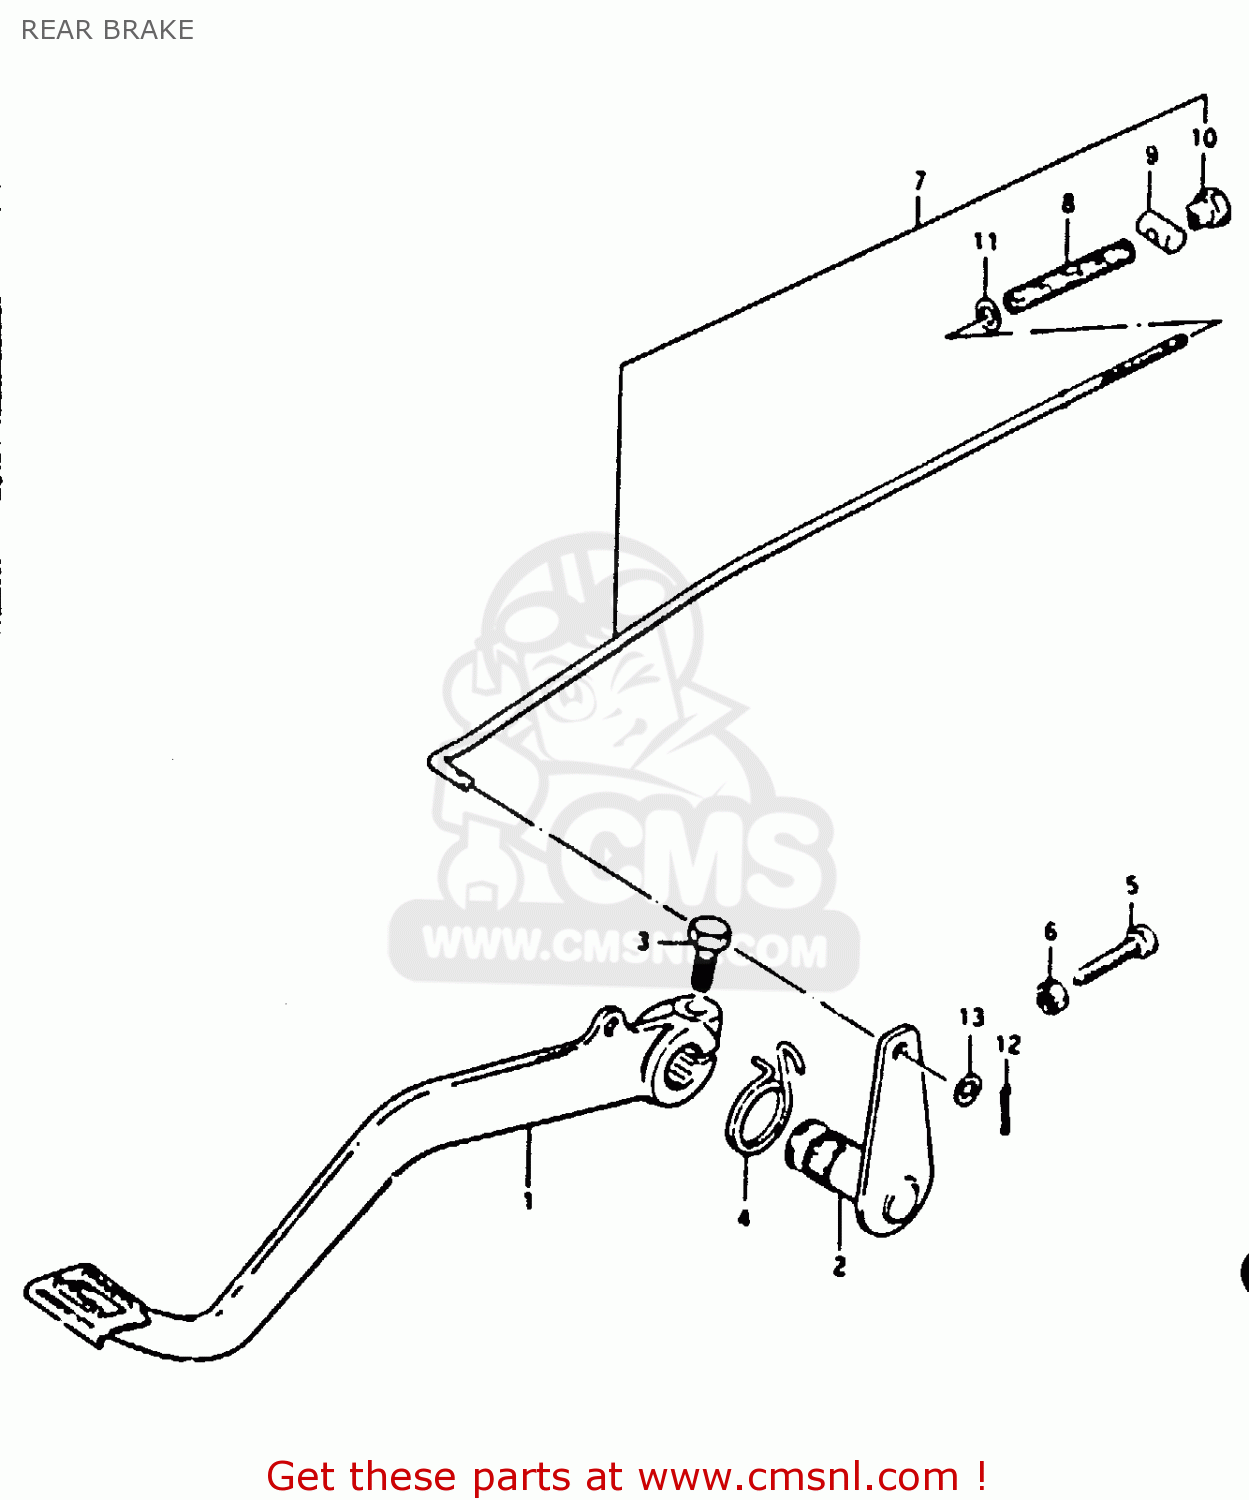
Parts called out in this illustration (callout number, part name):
1	PEDAL,BRAKE
2	ARM,BRAKE PEDAL ROD
3	BOLT
4	SPRING
5	BOLT(6X23)
6	NUT
7	ROD ASSEMBLY,REAR BRAKE
8	SPRING
9	PIN(11X18)
10	NUT
11	WASHER
12	PIN 20X20
13	WASHER
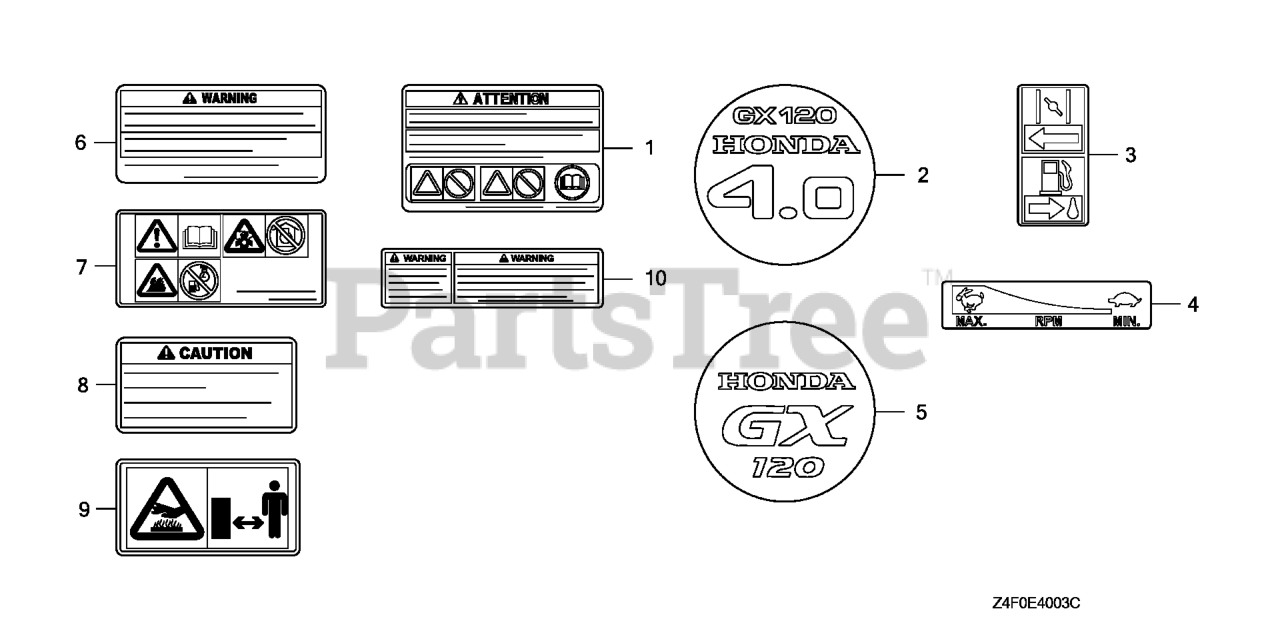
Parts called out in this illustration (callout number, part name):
1	MARK, OPERATOR CAUTION (FRENCH)(MADE IN JAPAN)
6	MARK, OPERATOR CAUTION (FRENCH)(MADE IN JAPAN)
7	MARK, OPERATOR CAUTION (PICTOGRAPH)
8	MARK, EX. CAUTION (FRENCH)
9	MARK, EX. CAUTION (PICTOGRAPH)
◇ ◇ ◇
_Problem to solve_:
Copy each line of the listing exactly, skipping any picture.

_Response_:
Parts called out in this illustration (callout number, part name):
1	PEDAL,BRAKE
2	ARM,BRAKE PEDAL ROD
3	BOLT
4	SPRING
5	BOLT(6X23)
6	NUT
7	ROD ASSEMBLY,REAR BRAKE
8	SPRING
9	PIN(11X18)
10	NUT
11	WASHER
12	PIN 20X20
13	WASHER
Parts called out in this illustration (callout number, part name):
1	MARK, OPERATOR CAUTION (FRENCH)(MADE IN JAPAN)
6	MARK, OPERATOR CAUTION (FRENCH)(MADE IN JAPAN)
7	MARK, OPERATOR CAUTION (PICTOGRAPH)
8	MARK, EX. CAUTION (FRENCH)
9	MARK, EX. CAUTION (PICTOGRAPH)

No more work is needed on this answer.